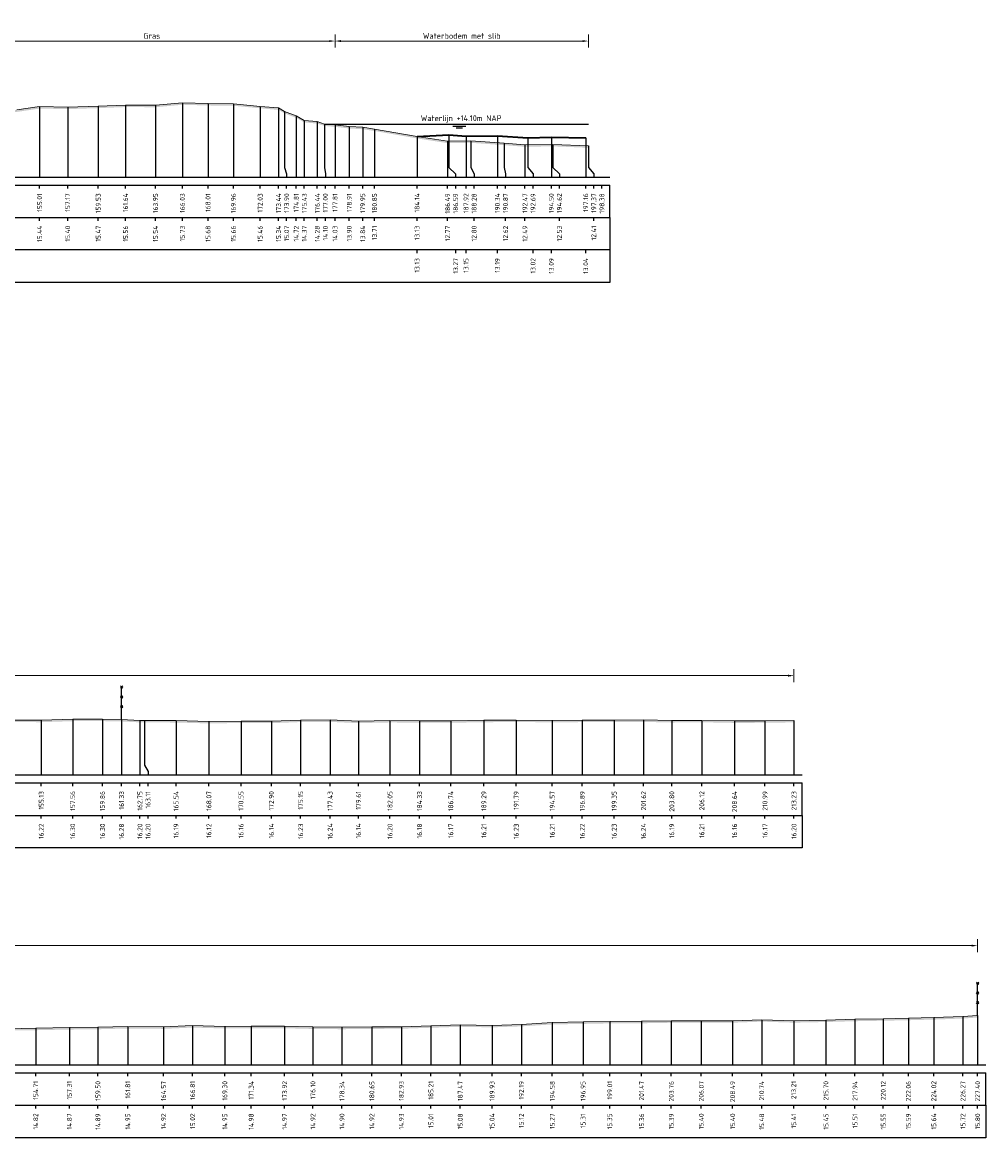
# Model space of a CAD drawing. Header units: metres. Extents: x 197882 to 206172, y 361908 to 364395.
# Tile 36 of 50: x 205938 to 206012, y 363976 to 364062. Entities that reach past the tile are written whole.
import ezdxf
from ezdxf.enums import TextEntityAlignment as Align

# ---------------------------------------------------------------- set-up
doc = ezdxf.new("R2010")
doc.units = ezdxf.units.M
doc.header["$PDMODE"] = 35
doc.header["$PDSIZE"] = 0.075
for name, color, linetype, lineweight in [('B-ME-IE-TERREINAFSCHEIDING_KUNSTMATIG_RASTERHEKWERK-SD', 20, 'Continuous', 25), ('X-ME-AL-PROFIEL_BOVENKANT SLIB-GD', 42, 'Continuous', 35), ('X-ME-AL-PROFIEL_HUIDIG MAAIVELD-GD', 252, 'Continuous', 0), ('X-XX-AL-DETAIL1-M', 7, 'Continuous', 18), ('X-XX-AL-NAP-T18', 7, 'Continuous', 18)]:
    doc.layers.add(name, color=color, linetype=linetype, lineweight=lineweight)
doc.layers.add('X-ME-AL-PROFIEL_WATERLIJN-GD', color=150, linetype='Continuous')
doc.layers.add('X-ME-AL-PROFIELRASTER-S', color=7, linetype='Continuous')
doc.styles.add('NLCS-ISO', font='NLCS-ISO.ttf', dxfattribs={"height": 1.8})
doc.styles.add('NLCS-ISO-ANNOTATIEF-T18', font='NLCS-ISO.ttf', dxfattribs={"height": 1.8})
doc.styles.add('NLCS-ISO-ANNOTATIVE-T18', font='NLCS-ISO.ttf', dxfattribs={"height": 1.8})
doc.dimstyles.new('NLCS-ANNOTATIEF-T18-PIJL_L2_H0', dxfattribs={"dimtxt": 2.5, "dimasz": 1.8, "dimexe": 2, "dimexo": 2, "dimgap": 0.7, "dimtad": 1, "dimzin": 0, "dimdsep": 46, "dimtxsty": 'NLCS-ISO-ANNOTATIEF-T18', "dimcen": 0, "dimdle": 2, "dimclrd": 256, "dimclre": 256, "dimclrt": 10, "dimaunit": 2, "dimadec": 0, "dimazin": 0, "dimtfac": 1, "dimtdec": 3, "dimtofl": 0, "dimtmove": 0, "dimatfit": 3, "dimfxl": 2, "dimfxlon": 1, "dimtfillclr": 256, "dimtolj": 1, "dimtzin": 0, "dimlwd": -1, "dimlwe": -1, "dimarcsym": 0})

# ---------------------------------------------------------------- blocks, each defined once
blk = doc.blocks.new('SAL-PROFIELRASTER_BALK_EIND1-D')
at = {"color": 0, "linetype": 'ByBlock', "lineweight": -2}
blk.add_line((1, -12.5), (1, -2.5), dxfattribs=at)
at = {"color": 0, "linetype": 'ByBlock', "lineweight": -2, "flags": 128}
for points in [[(0, 0), (1, 0)], [(0, -2.5), (1, -2.5)], [(0, -12.5), (1, -12.5)]]:
    blk.add_lwpolyline(points, dxfattribs=at)
blk = doc.blocks.new('SAL-PROFIELRASTER_BALK_EIND2-D')
at = {"color": 0, "linetype": 'ByBlock', "lineweight": -2}
for p, q in [((1, -2.5), (1, -12.5)), ((1, -12.5), (0, -12.5))]:
    blk.add_line(p, q, dxfattribs=at)
blk = doc.blocks.new('SAL-PROFIELRASTER_BALK_DATA-D')
at = {"color": 0, "linetype": 'ByBlock', "lineweight": -2}
blk.add_lwpolyline([(0, -3.5), (0, -2.5)], dxfattribs=at)
at = {"color": 0, "linetype": 'ByBlock', "lineweight": -2, "style": 'NLCS-ISO-ANNOTATIVE-T18'}
blk.add_attdef('GETAL', text='', height=1.5, rotation=90, dxfattribs=at).set_placement((0.75, -5), align=Align.RIGHT)
blk = doc.blocks.new('SAL-PROFIELRASTER_AANHAAL-D')
at = {"color": 9, "linetype": 'ByBlock', "lineweight": -2, "flags": 128}
blk.add_lwpolyline([(0, 1), (0, 0)], dxfattribs=at)
blk = doc.blocks.new('SAL-PROFIELRASTER_AANHAAL_STAGGER-D')
at = {"color": 9, "linetype": 'ByBlock', "lineweight": -2, "flags": 128}
for points in [[(0, 0), (0, -0.25)], [(0, -0.25), (1, -0.75)], [(1, -0.75), (1, -1)]]:
    blk.add_lwpolyline(points, dxfattribs=at)
blk = doc.blocks.new('*D21')
at = {"layer": 'Defpoints', "color": 0, "transparency": 16777216}
for p in [(205789.707, 364011.841), (205789.707, 364004.183), (205997.087, 364004.183)]:
    blk.add_point(p, dxfattribs=at)
at = {"layer": 'X-XX-AL-DETAIL1-M', "transparency": 16777216}
for p, q in [((205789.707, 364011.341), (205789.707, 364012.341)), ((205996.637, 364011.841), (205790.157, 364011.841)), ((205997.087, 364011.341), (205997.087, 364012.341))]:
    blk.add_line(p, q, dxfattribs=at)
for points in [[(205790.157, 364011.916), (205790.157, 364011.766), (205789.707, 364011.841)], [(205996.637, 364011.916), (205996.637, 364011.766), (205997.087, 364011.841)]]:
    blk.add_solid(points, dxfattribs=at)
at = {"layer": 'X-XX-AL-DETAIL1-M', "color": 10, "transparency": 16777216, "insert": (205893.397, 364012.241), "char_height": 0.45, "attachment_point": 5, "style": 'NLCS-ISO-ANNOTATIEF-T18'}
blk.add_mtext('\\A1;Gras', dxfattribs=at)
blk = doc.blocks.new('SIE-RASTERHEKWERK-SOD')
at = {"flags": 128}
for points in [[(-0.035, 1.035), (0.035, 0.965)], [(-0.035, 0.965), (0, 1), (0.035, 1.035)], [(-0.035, 0.735), (0.035, 0.665)], [(-0.035, 0.665), (0, 0.7), (0.035, 0.735)], [(0, 0), (0, 1)], [(-0.035, 0.435), (0.035, 0.365)], [(-0.035, 0.365), (0, 0.4), (0.035, 0.435)]]:
    blk.add_lwpolyline(points, dxfattribs=at)
blk = doc.blocks.new('*D22')
at = {"layer": 'Defpoints', "color": 0, "transparency": 16777216}
for p in [(205783.859, 363991.006), (205783.859, 363981.809), (206011.261, 363981.809)]:
    blk.add_point(p, dxfattribs=at)
at = {"layer": 'X-XX-AL-DETAIL1-M', "transparency": 16777216}
for p, q in [((205783.859, 363990.506), (205783.859, 363991.506)), ((206011.261, 363990.506), (206011.261, 363991.506)), ((206010.811, 363991.006), (205784.309, 363991.006))]:
    blk.add_line(p, q, dxfattribs=at)
for points in [[(205784.309, 363991.081), (205784.309, 363990.931), (205783.859, 363991.006)], [(206010.811, 363991.081), (206010.811, 363990.931), (206011.261, 363991.006)]]:
    blk.add_solid(points, dxfattribs=at)
at = {"layer": 'X-XX-AL-DETAIL1-M', "color": 10, "transparency": 16777216, "insert": (205897.56, 363991.406), "char_height": 0.45, "attachment_point": 5, "style": 'NLCS-ISO-ANNOTATIEF-T18'}
blk.add_mtext('\\A1;Gras', dxfattribs=at)
blk = doc.blocks.new('*D61')
at = {"layer": 'Defpoints', "color": 0, "transparency": 16777216}
for p in [(205933.388, 364060.815), (205933.388, 364054.632), (205961.669, 364050.317)]:
    blk.add_point(p, dxfattribs=at)
at = {"layer": 'X-XX-AL-DETAIL1-M', "transparency": 16777216}
for p, q in [((205933.388, 364060.315), (205933.388, 364061.315)), ((205961.669, 364060.315), (205961.669, 364061.315)), ((205961.219, 364060.815), (205933.838, 364060.815))]:
    blk.add_line(p, q, dxfattribs=at)
for points in [[(205933.838, 364060.89), (205933.838, 364060.74), (205933.388, 364060.815)], [(205961.219, 364060.89), (205961.219, 364060.74), (205961.669, 364060.815)]]:
    blk.add_solid(points, dxfattribs=at)
at = {"layer": 'X-XX-AL-DETAIL1-M', "color": 10, "transparency": 16777216, "insert": (205947.528, 364061.215), "char_height": 0.45, "attachment_point": 5, "style": 'NLCS-ISO-ANNOTATIEF-T18'}
blk.add_mtext('\\A1;Gras', dxfattribs=at)
blk = doc.blocks.new('*D62')
at = {"layer": 'Defpoints', "color": 0, "transparency": 16777216}
for p in [(205961.669, 364060.815), (205981.225, 364051.067), (205961.669, 364050.317)]:
    blk.add_point(p, dxfattribs=at)
at = {"layer": 'X-XX-AL-DETAIL1-M', "transparency": 16777216}
for p, q in [((205961.669, 364060.315), (205961.669, 364061.315)), ((205981.225, 364060.315), (205981.225, 364061.315)), ((205980.775, 364060.815), (205962.119, 364060.815))]:
    blk.add_line(p, q, dxfattribs=at)
for points in [[(205962.119, 364060.89), (205962.119, 364060.74), (205961.669, 364060.815)], [(205980.775, 364060.89), (205980.775, 364060.74), (205981.225, 364060.815)]]:
    blk.add_solid(points, dxfattribs=at)
at = {"layer": 'X-XX-AL-DETAIL1-M', "color": 10, "transparency": 16777216, "insert": (205971.447, 364061.215), "char_height": 0.45, "attachment_point": 5, "style": 'NLCS-ISO-ANNOTATIEF-T18'}
blk.add_mtext('\\A1;Waterbodem met slib', dxfattribs=at)

msp = doc.modelspace()

# ---------------------------------------------------------------- hatches: boundary and pattern name
at = {"layer": 'X-ME-AL-PROFIEL_HUIDIG MAAIVELD-GD'}
h = msp.add_hatch(dxfattribs=at)
h.set_pattern_fill('AGR-MAAIVELD', color=256, scale=0.05, pattern_type=2)
h.set_pattern_definition([(45, (-17.7489, 204.72848), (-0.25000007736, 0.25000007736), []), (45, (-17.7846, 204.7642), (0, 0.50000015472), [0.3535535, -0.3535535]), (45, (-17.8203, 204.7999), (0, 0.50000015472), [0.3535535, -0.3535535]), (45, (-17.85653, 204.83613), (0, 0.50000015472), [0.3535535, -0.3535535]), (45, (-17.89175, 204.87134), (0, 0.50000015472), [0.3535535, -0.3535535]), (45, (-17.92746, 204.90705), (0, 0.50000015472), [0.3535535, -0.3535535]), (45, (-17.96317, 204.94277), (0, 0.50000015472), [0.3535535, -0.3535535]), (315, (-17.7489, 204.72848), (0.25000007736, 0.25000007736), []), (315, (-17.71317, 204.7642), (0.50000015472, -1e-16), [0.3535535, -0.3535535]), (315, (-17.67746, 204.7999), (0.50000015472, -1e-16), [0.3535535, -0.3535535]), (315, (-17.64125, 204.83613), (0.50000015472, -1e-16), [0.3535535, -0.3535535]), (315, (-17.60603, 204.87134), (0.50000015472, -1e-16), [0.3535535, -0.3535535]), (315, (-17.5703, 204.90705), (0.50000015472, -1e-16), [0.3535535, -0.3535535]), (315, (-17.5346, 204.94277), (0.50000015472, -1e-16), [0.3535535, -0.3535535])])
h.paths.add_polyline_path([(205981.225, 364052.731), (205978.481, 364052.843), (205976.325, 364052.807), (205974.724, 364052.932), (205972.141, 364053.116), (205970.353, 364053.089), (205967.999, 364053.451), (205964.713, 364054.028), (205963.807, 364054.16), (205962.769, 364054.218), (205961.669, 364054.348), (205960.861, 364054.414), (205960.297, 364054.598), (205959.293, 364054.69), (205958.672, 364055.038), (205957.758, 364055.385), (205957.304, 364055.652), (205955.888, 364055.777), (205953.823, 364055.973), (205951.864, 364055.994), (205949.888, 364056.049), (205947.808, 364055.858), (205945.496, 364055.872), (205943.387, 364055.789), (205941.032, 364055.712), (205938.864, 364055.756), (205937.117, 364055.499), (205936.626, 364055.485), (205935.19, 364055.074), (205934.81, 364054.831), (205933.338, 364054.625), (205930.163, 364054.25), (205927.516, 364053.975), (205923.419, 364053.939), (205919.253, 364053.498), (205913.51, 364053.51), (205909.659, 364053.234), (205904.662, 364053.412), (205900.557, 364053.364), (205896.086, 364053.511), (205891.154, 364053.491), (205886.584, 364053.552), (205881.222, 364053.926), (205878.11, 364053.832), (205876.542, 364054.094), (205875.528, 364054.107), (205873.917, 364054.526), (205872.965, 364054.632), (205871.639, 364054.709), (205869.485, 364055.005), (205868.378, 364055.286), (205867.004, 364055.587), (205864.959, 364055.766), (205862.888, 364056.011), (205860.672, 364055.864), (205858.429, 364055.872), (205856.4, 364055.898), (205854.357, 364055.943), (205852.218, 364055.947), (205850.388, 364056.245), (205848.401, 364056.708), (205846.983, 364057.071), (205845.319, 364057.286), (205844.435, 364057.301), (205843.032, 364057.258), (205840.678, 364057.276), (205837.705, 364057.383), (205834.781, 364057.338), (205831.935, 364057.315), (205828.529, 364057.142), (205825.52, 364057.244), (205822.188, 364057.151), (205818.8, 364057.166), (205815.672, 364057.289), (205812.856, 364057.306), (205810.034, 364057.316), (205806.815, 364057.133), (205804.001, 364057.254), (205800.77, 364057.091), (205797.914, 364057.081), (205795.147, 364057.023), (205792.483, 364057.079), (205789.604, 364057.016), (205786.748, 364056.997), (205783.859, 364057.031), (205783.859, 364056.881), (205786.748, 364056.847), (205789.604, 364056.866), (205792.483, 364056.929), (205795.147, 364056.873), (205797.914, 364056.931), (205800.77, 364056.941), (205804.001, 364057.104), (205806.815, 364056.983), (205810.034, 364057.166), (205812.856, 364057.156), (205815.672, 364057.139), (205818.8, 364057.016), (205822.188, 364057.001), (205825.52, 364057.094), (205828.529, 364056.992), (205831.935, 364057.165), (205834.781, 364057.188), (205837.705, 364057.233), (205840.678, 364057.126), (205843.032, 364057.108), (205844.435, 364057.151), (205845.319, 364057.136), (205846.983, 364056.921), (205848.401, 364056.558), (205850.388, 364056.095), (205852.218, 364055.797), (205854.357, 364055.793), (205856.4, 364055.748), (205858.429, 364055.722), (205860.672, 364055.714), (205862.888, 364055.861), (205864.959, 364055.616), (205867.004, 364055.437), (205868.378, 364055.136), (205869.485, 364054.855), (205871.639, 364054.559), (205872.965, 364054.482), (205873.917, 364054.376), (205875.528, 364053.957), (205876.542, 364053.944), (205878.11, 364053.682), (205881.222, 364053.776), (205886.584, 364053.402), (205891.154, 364053.341), (205896.086, 364053.361), (205900.557, 364053.214), (205904.662, 364053.262), (205909.659, 364053.084), (205913.51, 364053.36), (205919.253, 364053.348), (205923.419, 364053.789), (205927.516, 364053.825), (205930.163, 364054.1), (205933.338, 364054.475), (205934.81, 364054.681), (205935.19, 364054.924), (205936.626, 364055.335), (205937.117, 364055.349), (205938.864, 364055.606), (205941.032, 364055.562), (205943.387, 364055.639), (205945.496, 364055.722), (205947.808, 364055.708), (205949.888, 364055.899), (205951.864, 364055.844), (205953.823, 364055.823), (205955.888, 364055.627), (205957.304, 364055.502), (205957.758, 364055.235), (205958.672, 364054.888), (205959.293, 364054.54), (205960.297, 364054.448), (205960.861, 364054.264), (205961.669, 364054.198), (205962.769, 364054.068), (205963.807, 364054.01), (205964.713, 364053.878), (205967.999, 364053.301), (205970.353, 364052.939), (205972.141, 364052.966), (205974.724, 364052.782), (205976.325, 364052.657), (205978.481, 364052.693), (205981.225, 364052.581)])
h = msp.add_hatch(dxfattribs=at)
h.set_pattern_fill('AGR-MAAIVELD', color=256, scale=0.05, pattern_type=2)
h.set_pattern_definition([(45, (-22.73893, 245.65797), (-0.25000007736, 0.25000007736), []), (45, (-22.77464, 245.6937), (0, 0.50000015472), [0.3535535, -0.3535535]), (45, (-22.81035, 245.7294), (0, 0.50000015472), [0.3535535, -0.3535535]), (45, (-22.84657, 245.7656), (0, 0.50000015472), [0.3535535, -0.3535535]), (45, (-22.8818, 245.80082), (0, 0.50000015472), [0.3535535, -0.3535535]), (45, (-22.9175, 245.83654), (0, 0.50000015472), [0.3535535, -0.3535535]), (45, (-22.9532, 245.87225), (0, 0.50000015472), [0.3535535, -0.3535535]), (315, (-22.73893, 245.65797), (0.25000007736, 0.25000007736), []), (315, (-22.7032, 245.6937), (0.50000015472, -1e-16), [0.3535535, -0.3535535]), (315, (-22.6675, 245.7294), (0.50000015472, -1e-16), [0.3535535, -0.3535535]), (315, (-22.6313, 245.7656), (0.50000015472, -1e-16), [0.3535535, -0.3535535]), (315, (-22.59607, 245.80082), (0.50000015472, -1e-16), [0.3535535, -0.3535535]), (315, (-22.56035, 245.83654), (0.50000015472, -1e-16), [0.3535535, -0.3535535]), (315, (-22.52464, 245.87225), (0.50000015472, -1e-16), [0.3535535, -0.3535535])])
h.paths.add_polyline_path([(205997.087, 364008.386), (205994.851, 364008.352), (205992.5, 364008.346), (205989.978, 364008.392), (205987.659, 364008.374), (205985.479, 364008.423), (205983.21, 364008.411), (205980.751, 364008.403), (205978.428, 364008.392), (205975.65, 364008.412), (205973.153, 364008.397), (205970.602, 364008.357), (205968.186, 364008.365), (205965.909, 364008.379), (205963.473, 364008.327), (205961.288, 364008.425), (205959.013, 364008.411), (205956.757, 364008.324), (205954.411, 364008.339), (205951.931, 364008.305), (205949.396, 364008.374), (205946.974, 364008.383), (205946.607, 364008.386), (205945.189, 364008.458), (205943.718, 364008.482), (205941.42, 364008.479), (205938.991, 364008.4), (205936.694, 364008.408), (205934.096, 364008.379), (205931.67, 364008.328), (205929.037, 364008.266), (205926.695, 364008.192), (205924.55, 364008.124), (205921.724, 364008.035), (205919.414, 364007.945), (205917.151, 364007.912), (205914.763, 364007.869), (205912.211, 364007.86), (205909.578, 364007.807), (205907.308, 364007.766), (205904.986, 364007.759), (205902.388, 364007.732), (205899.857, 364007.737), (205897.372, 364007.739), (205894.972, 364007.769), (205892.39, 364007.688), (205889.819, 364007.653), (205887.012, 364007.657), (205884.431, 364007.707), (205881.893, 364007.753), (205879.255, 364007.792), (205876.599, 364007.807), (205873.508, 364007.822), (205870.881, 364007.821), (205868.152, 364007.878), (205865.942, 364007.871), (205863.535, 364007.891), (205861.029, 364007.9), (205858.274, 364007.944), (205855.262, 364007.959), (205852.569, 364007.955), (205850.002, 364008.031), (205846.499, 364008.024), (205843.48, 364008.024), (205840.482, 364008.086), (205837.577, 364008.096), (205834.749, 364008.129), (205832.226, 364008.152), (205829.612, 364008.209), (205826.328, 364008.196), (205822.874, 364008.281), (205820.274, 364008.357), (205817.69, 364008.32), (205815.024, 364008.337), (205812.409, 364008.415), (205809.796, 364008.407), (205807.107, 364008.383), (205804.851, 364008.327), (205803.024, 364008.304), (205800.584, 364008.256), (205798.447, 364008.214), (205796.213, 364007.886), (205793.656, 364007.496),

▸ **Aim of the task**: Taking the entries above, restate exactly those lines that fall between the line with "blk = doc.blocks.new('SIE-RASTERHEKWERK-SOD')" and the line with "blk = doc.blocks.new('*D62')", keeping both of those lines too.

▸ **Reply**:
blk = doc.blocks.new('SIE-RASTERHEKWERK-SOD')
at = {"flags": 128}
for points in [[(-0.035, 1.035), (0.035, 0.965)], [(-0.035, 0.965), (0, 1), (0.035, 1.035)], [(-0.035, 0.735), (0.035, 0.665)], [(-0.035, 0.665), (0, 0.7), (0.035, 0.735)], [(0, 0), (0, 1)], [(-0.035, 0.435), (0.035, 0.365)], [(-0.035, 0.365), (0, 0.4), (0.035, 0.435)]]:
    blk.add_lwpolyline(points, dxfattribs=at)
blk = doc.blocks.new('*D22')
at = {"layer": 'Defpoints', "color": 0, "transparency": 16777216}
for p in [(205783.859, 363991.006), (205783.859, 363981.809), (206011.261, 363981.809)]:
    blk.add_point(p, dxfattribs=at)
at = {"layer": 'X-XX-AL-DETAIL1-M', "transparency": 16777216}
for p, q in [((205783.859, 363990.506), (205783.859, 363991.506)), ((206011.261, 363990.506), (206011.261, 363991.506)), ((206010.811, 363991.006), (205784.309, 363991.006))]:
    blk.add_line(p, q, dxfattribs=at)
for points in [[(205784.309, 363991.081), (205784.309, 363990.931), (205783.859, 363991.006)], [(206010.811, 363991.081), (206010.811, 363990.931), (206011.261, 363991.006)]]:
    blk.add_solid(points, dxfattribs=at)
at = {"layer": 'X-XX-AL-DETAIL1-M', "color": 10, "transparency": 16777216, "insert": (205897.56, 363991.406), "char_height": 0.45, "attachment_point": 5, "style": 'NLCS-ISO-ANNOTATIEF-T18'}
blk.add_mtext('\\A1;Gras', dxfattribs=at)
blk = doc.blocks.new('*D61')
at = {"layer": 'Defpoints', "color": 0, "transparency": 16777216}
for p in [(205933.388, 364060.815), (205933.388, 364054.632), (205961.669, 364050.317)]:
    blk.add_point(p, dxfattribs=at)
at = {"layer": 'X-XX-AL-DETAIL1-M', "transparency": 16777216}
for p, q in [((205933.388, 364060.315), (205933.388, 364061.315)), ((205961.669, 364060.315), (205961.669, 364061.315)), ((205961.219, 364060.815), (205933.838, 364060.815))]:
    blk.add_line(p, q, dxfattribs=at)
for points in [[(205933.838, 364060.89), (205933.838, 364060.74), (205933.388, 364060.815)], [(205961.219, 364060.89), (205961.219, 364060.74), (205961.669, 364060.815)]]:
    blk.add_solid(points, dxfattribs=at)
at = {"layer": 'X-XX-AL-DETAIL1-M', "color": 10, "transparency": 16777216, "insert": (205947.528, 364061.215), "char_height": 0.45, "attachment_point": 5, "style": 'NLCS-ISO-ANNOTATIEF-T18'}
blk.add_mtext('\\A1;Gras', dxfattribs=at)
blk = doc.blocks.new('*D62')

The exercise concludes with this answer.